Loadable module support -> Module unloading: ABILITATO

Loadable module support -> Automatic kernel module loading: ABILITATO

Le tre opzioni summenzionate sono generalmente abilitate in molti kernel, ma dato che non sarebbe possibile caricare nessun modulo senza di loro, esse sono richieste per usare i driver ATI.

Bus options (PCI, PCMCIA, EISA, MCA, ISA) -> PCI Express support: ABILITATO (solo se si ha una scheda PCIe)

File systems -> Pseudo filesystems -> Virtual memory file system support: ABILITATO

Processor type and features -> MTRR (Memory Type Range Register) support: ABILITATO

Il supporto MTRR dovrebbe essere sempre abilitato, altrimenti il driver, se funziona, potrebbe avere prestazioni pessime.

Nota

Su alcuni chipset AMD64, si dovrebbe disabilitare MTRR per poter abilitare il supporto AGP senza il quale il driver non completerà la compilazione. Chipset conosciuti per questo problema sono: NVIDIA nForce3 Go150.

Device drivers -> Character Devices -> /dev/agpgart (AGP Support): ABILITATO o MODULO (se non lo si compila come modulo, si dovrà impostare "UseInternalAGPGART" a "no" nel file XF86Config)

Questa opzione abilita il supporto AGP nel kernel che di solito è corretto avere :)

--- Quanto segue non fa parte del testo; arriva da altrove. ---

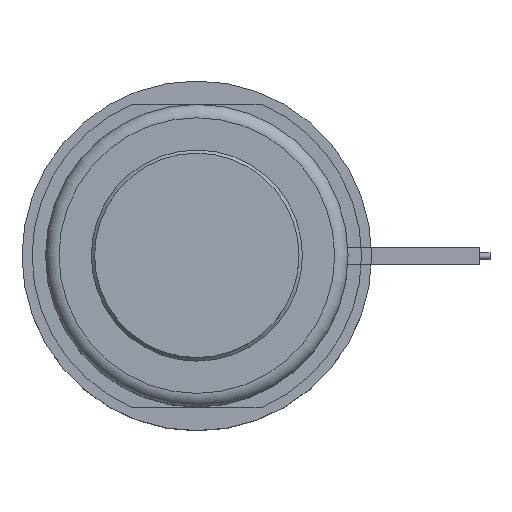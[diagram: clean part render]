
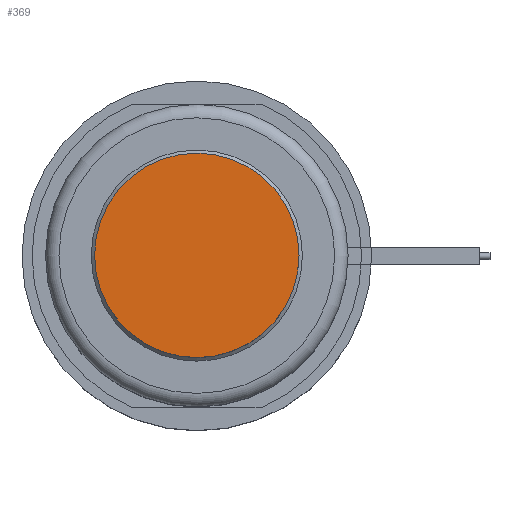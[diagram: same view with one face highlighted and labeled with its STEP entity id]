
A CAD part, top view. The second image highlights one B-rep face of the part: STEP entity #369.
In plain terms, the highlighted planar face has unit normal (0, 0, 1).
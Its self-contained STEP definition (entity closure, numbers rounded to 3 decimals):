
#251=PLANE('',#1323);
#295=FACE_OUTER_BOUND('',#575,.T.);
#369=ADVANCED_FACE('',(#295),#251,.F.);
#575=EDGE_LOOP('',(#715));
#715=ORIENTED_EDGE('',*,*,#1092,.F.);
#982=VERTEX_POINT('',#1889);
#1092=EDGE_CURVE('',#982,#982,#1231,.T.);
#1231=CIRCLE('',#1322,15.2);
#1322=AXIS2_PLACEMENT_3D('',#1888,#1520,#1521);
#1323=AXIS2_PLACEMENT_3D('',#1890,#1522,#1523);
#1520=DIRECTION('',(0.,0.,-1.));
#1521=DIRECTION('',(-1.,0.,0.));
#1522=DIRECTION('',(0.,0.,-1.));
#1523=DIRECTION('',(-1.,0.,0.));
#1888=CARTESIAN_POINT('',(0.,0.,18.));
#1889=CARTESIAN_POINT('',(-15.2,0.,18.));
#1890=CARTESIAN_POINT('',(0.,0.,18.));
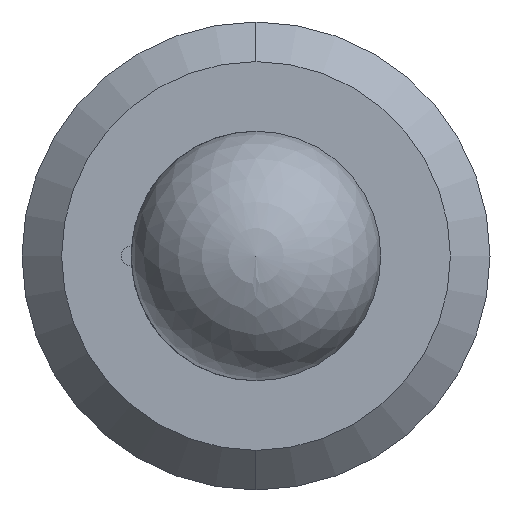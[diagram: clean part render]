
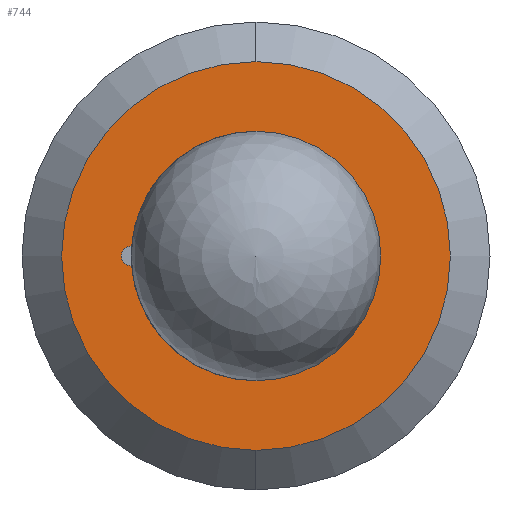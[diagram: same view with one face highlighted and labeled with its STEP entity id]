
A CAD part, left-side view. The second image highlights one B-rep face of the part: STEP entity #744.
In plain terms, the highlighted planar face has unit normal (-1, 0, 0).
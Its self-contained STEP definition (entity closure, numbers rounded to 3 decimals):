
#6 = CIRCLE ( 'NONE', #558, 1.246 ) ;
#27 = ORIENTED_EDGE ( 'NONE', *, *, #132, .F. ) ;
#42 = CARTESIAN_POINT ( 'NONE',  ( 0., 0.8, 0. ) ) ;
#64 = CIRCLE ( 'NONE', #689, 0.8 ) ;
#72 = VERTEX_POINT ( 'NONE', #732 ) ;
#79 = CARTESIAN_POINT ( 'NONE',  ( 0., 0., 0. ) ) ;
#87 = CARTESIAN_POINT ( 'NONE',  ( 0., 0., 0. ) ) ;
#93 = VERTEX_POINT ( 'NONE', #665 ) ;
#107 = DIRECTION ( 'NONE',  ( 0., 0., 1. ) ) ;
#124 = CIRCLE ( 'NONE', #373, 0.8 ) ;
#127 = DIRECTION ( 'NONE',  ( -1., 0., 0. ) ) ;
#129 = CIRCLE ( 'NONE', #699, 0.064 ) ;
#132 = EDGE_CURVE ( 'NONE', #338, #310, #129, .T. ) ;
#142 = DIRECTION ( 'NONE',  ( 0., 0., 1. ) ) ;
#148 = DIRECTION ( 'NONE',  ( 0., 0., -1. ) ) ;
#172 = DIRECTION ( 'NONE',  ( -1., 0., 0. ) ) ;
#175 = AXIS2_PLACEMENT_3D ( 'NONE', #512, #220, #611 ) ;
#179 = EDGE_CURVE ( 'NONE', #519, #338, #398, .T. ) ;
#182 = ORIENTED_EDGE ( 'NONE', *, *, #244, .T. ) ;
#183 = EDGE_CURVE ( 'NONE', #343, #368, #64, .T. ) ;
#197 = EDGE_CURVE ( 'NONE', #368, #93, #531, .T. ) ;
#206 = VERTEX_POINT ( 'NONE', #551 ) ;
#220 = DIRECTION ( 'NONE',  ( 1., 0., 0. ) ) ;
#236 = DIRECTION ( 'NONE',  ( -1., 0., 0. ) ) ;
#244 = EDGE_CURVE ( 'NONE', #206, #72, #6, .T. ) ;
#255 = CARTESIAN_POINT ( 'NONE',  ( 0., 0., 0. ) ) ;
#280 = FACE_BOUND ( 'NONE', #582, .T. ) ;
#294 = CARTESIAN_POINT ( 'NONE',  ( 0., 0.8, 0. ) ) ;
#300 = ORIENTED_EDGE ( 'NONE', *, *, #197, .F. ) ;
#306 = CIRCLE ( 'NONE', #328, 1.246 ) ;
#309 = CARTESIAN_POINT ( 'NONE',  ( 0., 0., 0. ) ) ;
#310 = VERTEX_POINT ( 'NONE', #381 ) ;
#312 = DIRECTION ( 'NONE',  ( 0., 0., -1. ) ) ;
#328 = AXIS2_PLACEMENT_3D ( 'NONE', #255, #644, #312 ) ;
#338 = VERTEX_POINT ( 'NONE', #729 ) ;
#341 = AXIS2_PLACEMENT_3D ( 'NONE', #495, #127, #542 ) ;
#343 = VERTEX_POINT ( 'NONE', #521 ) ;
#368 = VERTEX_POINT ( 'NONE', #652 ) ;
#370 = EDGE_CURVE ( 'NONE', #310, #343, #124, .T. ) ;
#373 = AXIS2_PLACEMENT_3D ( 'NONE', #309, #698, #374 ) ;
#374 = DIRECTION ( 'NONE',  ( 0., 0., 1. ) ) ;
#379 = EDGE_CURVE ( 'NONE', #93, #519, #728, .T. ) ;
#381 = CARTESIAN_POINT ( 'NONE',  ( 0., 0.797, -0.063 ) ) ;
#385 = EDGE_CURVE ( 'NONE', #72, #206, #306, .T. ) ;
#396 = PLANE ( 'NONE',  #175 ) ;
#398 = CIRCLE ( 'NONE', #737, 0.064 ) ;
#434 = ORIENTED_EDGE ( 'NONE', *, *, #183, .F. ) ;
#481 = DIRECTION ( 'NONE',  ( -1., 0., 0. ) ) ;
#495 = CARTESIAN_POINT ( 'NONE',  ( 0., 0.8, 0. ) ) ;
#498 = FACE_OUTER_BOUND ( 'NONE', #502, .T. ) ;
#502 = EDGE_LOOP ( 'NONE', ( #545, #182 ) ) ;
#506 = DIRECTION ( 'NONE',  ( -1., 0., 0. ) ) ;
#510 = DIRECTION ( 'NONE',  ( -1., 0., 0. ) ) ;
#512 = CARTESIAN_POINT ( 'NONE',  ( 0., 0., 0. ) ) ;
#516 = ORIENTED_EDGE ( 'NONE', *, *, #379, .F. ) ;
#518 = ORIENTED_EDGE ( 'NONE', *, *, #370, .F. ) ;
#519 = VERTEX_POINT ( 'NONE', #654 ) ;
#521 = CARTESIAN_POINT ( 'NONE',  ( 0., 0., -0.8 ) ) ;
#531 = CIRCLE ( 'NONE', #595, 0.8 ) ;
#542 = DIRECTION ( 'NONE',  ( 0., 0., 1. ) ) ;
#545 = ORIENTED_EDGE ( 'NONE', *, *, #385, .T. ) ;
#551 = CARTESIAN_POINT ( 'NONE',  ( 0., 0., 1.246 ) ) ;
#558 = AXIS2_PLACEMENT_3D ( 'NONE', #87, #510, #148 ) ;
#573 = CARTESIAN_POINT ( 'NONE',  ( 0., 0., 0. ) ) ;
#582 = EDGE_LOOP ( 'NONE', ( #518, #27, #640, #516, #300, #434 ) ) ;
#595 = AXIS2_PLACEMENT_3D ( 'NONE', #79, #506, #142 ) ;
#611 = DIRECTION ( 'NONE',  ( 0., 0., -1. ) ) ;
#623 = DIRECTION ( 'NONE',  ( 0., 0., 1. ) ) ;
#640 = ORIENTED_EDGE ( 'NONE', *, *, #179, .F. ) ;
#644 = DIRECTION ( 'NONE',  ( -1., 0., 0. ) ) ;
#652 = CARTESIAN_POINT ( 'NONE',  ( 0., 0., 0.8 ) ) ;
#654 = CARTESIAN_POINT ( 'NONE',  ( 0., 0.8, 0.064 ) ) ;
#665 = CARTESIAN_POINT ( 'NONE',  ( 0., 0.797, 0.063 ) ) ;
#672 = DIRECTION ( 'NONE',  ( 0., 0., 1. ) ) ;
#689 = AXIS2_PLACEMENT_3D ( 'NONE', #573, #236, #623 ) ;
#698 = DIRECTION ( 'NONE',  ( -1., 0., 0. ) ) ;
#699 = AXIS2_PLACEMENT_3D ( 'NONE', #294, #172, #672 ) ;
#728 = CIRCLE ( 'NONE', #341, 0.064 ) ;
#729 = CARTESIAN_POINT ( 'NONE',  ( 0., 0.8, -0.064 ) ) ;
#732 = CARTESIAN_POINT ( 'NONE',  ( 0., 0., -1.246 ) ) ;
#737 = AXIS2_PLACEMENT_3D ( 'NONE', #42, #481, #107 ) ;
#744 = ADVANCED_FACE ( 'NONE', ( #280, #498 ), #396, .F. ) ;
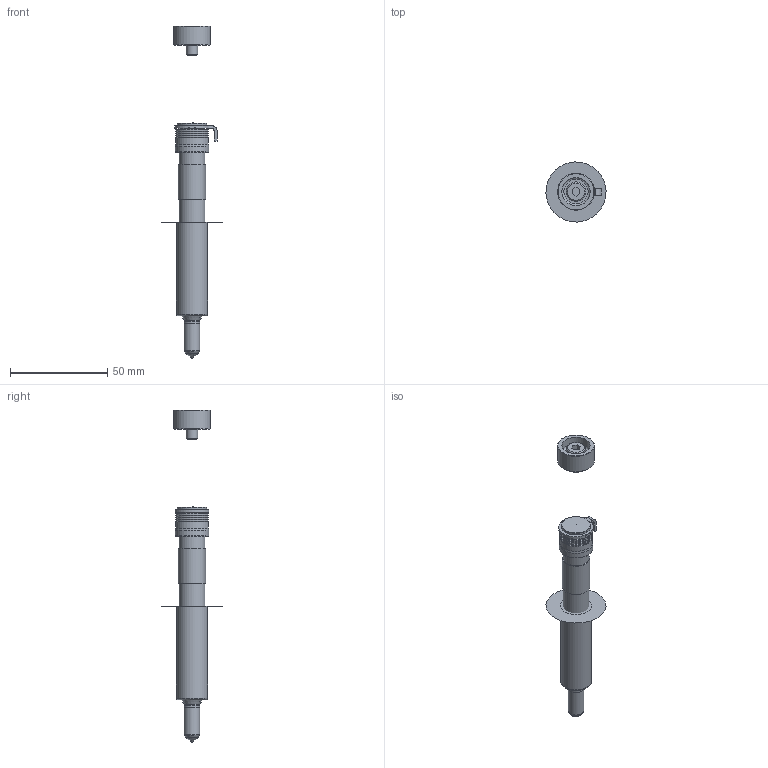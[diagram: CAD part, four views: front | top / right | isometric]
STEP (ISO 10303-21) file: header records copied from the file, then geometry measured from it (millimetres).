
FILE_DESCRIPTION(/* description */ (''),/* implementation_level */ '2;1');
FILE_NAME(/* name */ 'U350 HT-DX.stp',/* time_stamp */ '2021-12-23T14:27:45+08:00',/* author */ (''),/* organization */ (''),/* preprocessor_version */ 'ST-DEVELOPER v16',/* originating_system */ 'SIEMENS PLM Software NX 11.0',/* authorisation */ '');
FILE_SCHEMA (('AUTOMOTIVE_DESIGN { 1 0 10303 214 3 1 1 1 }'));
Length unit declared in the file: millimetre
Products named in the file (12): 3D_EXPORT_3D_ASSY_11312044_1_id64_x_t; 3D_EXPORT_3D_ASSY_11312044_1_id57_x_t; 3D_EXPORT_3D_ASSY_11312044_1_id52_x_t; 3D_EXPORT_3D_ASSY_11312044_1_id47_x_t; 3D_EXPORT_3D_ASSY_11312044_1_id42_x_t; 3D_EXPORT_3D_ASSY_11312044_1_id37_x_t; 3D_EXPORT_3D_ASSY_11312044_1_id32_x_t; 3D_EXPORT_3D_ASSY_11312044_1_id27_x_t; 3D_EXPORT_3D_ASSY_11312044_1_id16_x_t; 3D_EXPORT_3D_ASSY_11312044_1_id11_x_t; 3D_EXPORT_3D_ASSY_11312044_1_id6_x_t; 3D_EXPORT_3D_ASSY_11312044_1_x_t
Assembly tree (15 placements, depth 2):
  3D_EXPORT_3D_ASSY_11312044_1_x_t
    3D_EXPORT_3D_ASSY_11312044_1_id6_x_t
    3D_EXPORT_3D_ASSY_11312044_1_id11_x_t
    3D_EXPORT_3D_ASSY_11312044_1_id16_x_t  x4
    3D_EXPORT_3D_ASSY_11312044_1_id27_x_t
    3D_EXPORT_3D_ASSY_11312044_1_id32_x_t
    3D_EXPORT_3D_ASSY_11312044_1_id37_x_t
    3D_EXPORT_3D_ASSY_11312044_1_id42_x_t
    3D_EXPORT_3D_ASSY_11312044_1_id47_x_t
    3D_EXPORT_3D_ASSY_11312044_1_id52_x_t
    3D_EXPORT_3D_ASSY_11312044_1_id57_x_t  x2
    3D_EXPORT_3D_ASSY_11312044_1_id64_x_t
Bounding box: 30.97 x 30.97 x 171.1 mm (x, y, z)
Volume: 37598.1 mm3; surface area: 18742.6 mm2
Topology: 15 solids, 15 shells, 369 faces, 928 edges, 593 vertices
Faces by surface type: cylinder 165, plane 118, torus 51, cone 34, sphere 1
Full cylindrical faces by diameter (mm): 0.7 x1, 1.194 x1, 4.6 x1, 5.795 x1, 6 x1, 6.89 x1, 7.2 x1, 7.283 x1, 7.87 x1, 7.995 x1, 8 x2, 9.4 x1, 9.95 x1, 9.97 x2, 10 x2, 11.06 x1, 13.3 x2, 14 x1, 14.05 x1, 14.5 x1, 15 x1, 16 x1, 16.9 x4, 17 x1, 17.27 x1, 19 x1, 31 x1
Entity records: 12584 total; most frequent: CARTESIAN_POINT 2191, DIRECTION 1611, ORIENTED_EDGE 1498, EDGE_CURVE 749, AXIS2_PLACEMENT_3D 653, VERTEX_POINT 515, EDGE_LOOP 457, PRESENTATION_STYLE_ASSIGNMENT 352
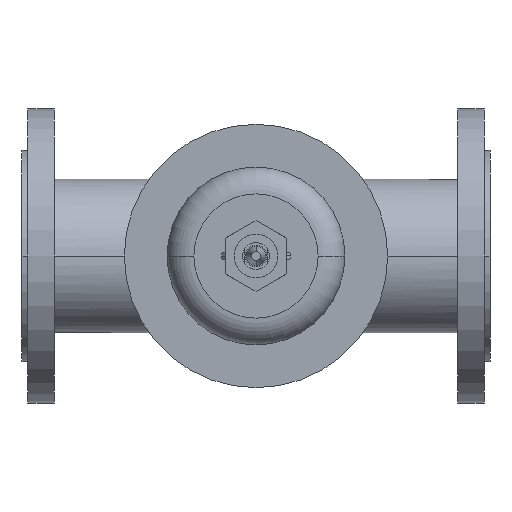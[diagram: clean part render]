
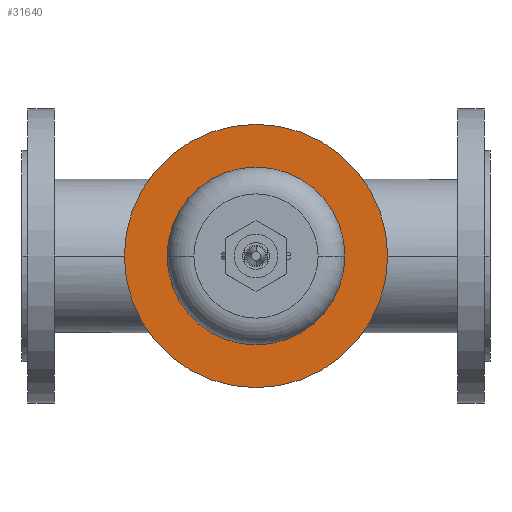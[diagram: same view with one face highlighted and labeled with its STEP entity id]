
A CAD part, front view. The second image highlights one B-rep face of the part: STEP entity #31640.
In plain terms, the highlighted planar face has unit normal (0, -1, 0).
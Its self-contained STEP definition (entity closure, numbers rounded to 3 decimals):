
#5670=CARTESIAN_POINT('',(241.5,-142.5,0.));
#5680=VERTEX_POINT('',#5670);
#5710=CARTESIAN_POINT('',(175.,-142.5,0.));
#5720=DIRECTION('',(0.,-1.,0.));
#5730=DIRECTION('',(-1.,0.,0.));
#5740=AXIS2_PLACEMENT_3D('',#5710,#5720,#5730);
#5750=CIRCLE('',#5740,66.5);
#5760=CARTESIAN_POINT('',(108.5,-142.5,0.));
#5770=VERTEX_POINT('',#5760);
#5780=EDGE_CURVE('',#5770,#5680,#5750,.T.);
#6070=CARTESIAN_POINT('',(76.5,-142.5,0.));
#6080=VERTEX_POINT('',#6070);
#6130=CARTESIAN_POINT('',(175.,-142.5,0.));
#6140=DIRECTION('',(0.,-1.,0.));
#6150=DIRECTION('',(-1.,0.,0.));
#6160=AXIS2_PLACEMENT_3D('',#6130,#6140,#6150);
#6170=CIRCLE('',#6160,98.5);
#6180=CARTESIAN_POINT('',(273.5,-142.5,0.));
#6190=VERTEX_POINT('',#6180);
#6200=EDGE_CURVE('',#6080,#6190,#6170,.T.);
#31490=CARTESIAN_POINT('',(92.5,-142.5,0.));
#31500=DIRECTION('',(0.,-1.,0.));
#31510=DIRECTION('',(-1.,0.,0.));
#31520=AXIS2_PLACEMENT_3D('',#31490,#31500,#31510);
#31530=PLANE('',#31520);
#31540=EDGE_CURVE('',#5680,#5770,#5750,.T.);
#31550=ORIENTED_EDGE('',*,*,#31540,.F.);
#31560=ORIENTED_EDGE('',*,*,#5780,.F.);
#31570=EDGE_LOOP('',(#31560,#31550));
#31580=FACE_BOUND('',#31570,.T.);
#31590=EDGE_CURVE('',#6190,#6080,#6170,.T.);
#31600=ORIENTED_EDGE('',*,*,#31590,.T.);
#31610=ORIENTED_EDGE('',*,*,#6200,.T.);
#31620=EDGE_LOOP('',(#31610,#31600));
#31630=FACE_OUTER_BOUND('',#31620,.T.);
#31640=ADVANCED_FACE('',(#31580,#31630),#31530,.T.);

Device drivers -> Character Devices -> (selezionare il chipset AGP corretto dalla lista a seconda della propria scheda madre): ABILITATO o MODULO.

Esempi:

Motherboard: nVidia nForce2 based ---- NVIDIA nForce/nForce2 chipset support

Motherboard: VIA KT266/333/400 based ---- VIA chipset support

Device drivers -> Character Devices -> Direct Rendering Manager (XFree86 4.1.0 and higher DRI support): DISABILITATO

Questa opzione non è richiesta e preverrà la non operabilità del driver se abilitata.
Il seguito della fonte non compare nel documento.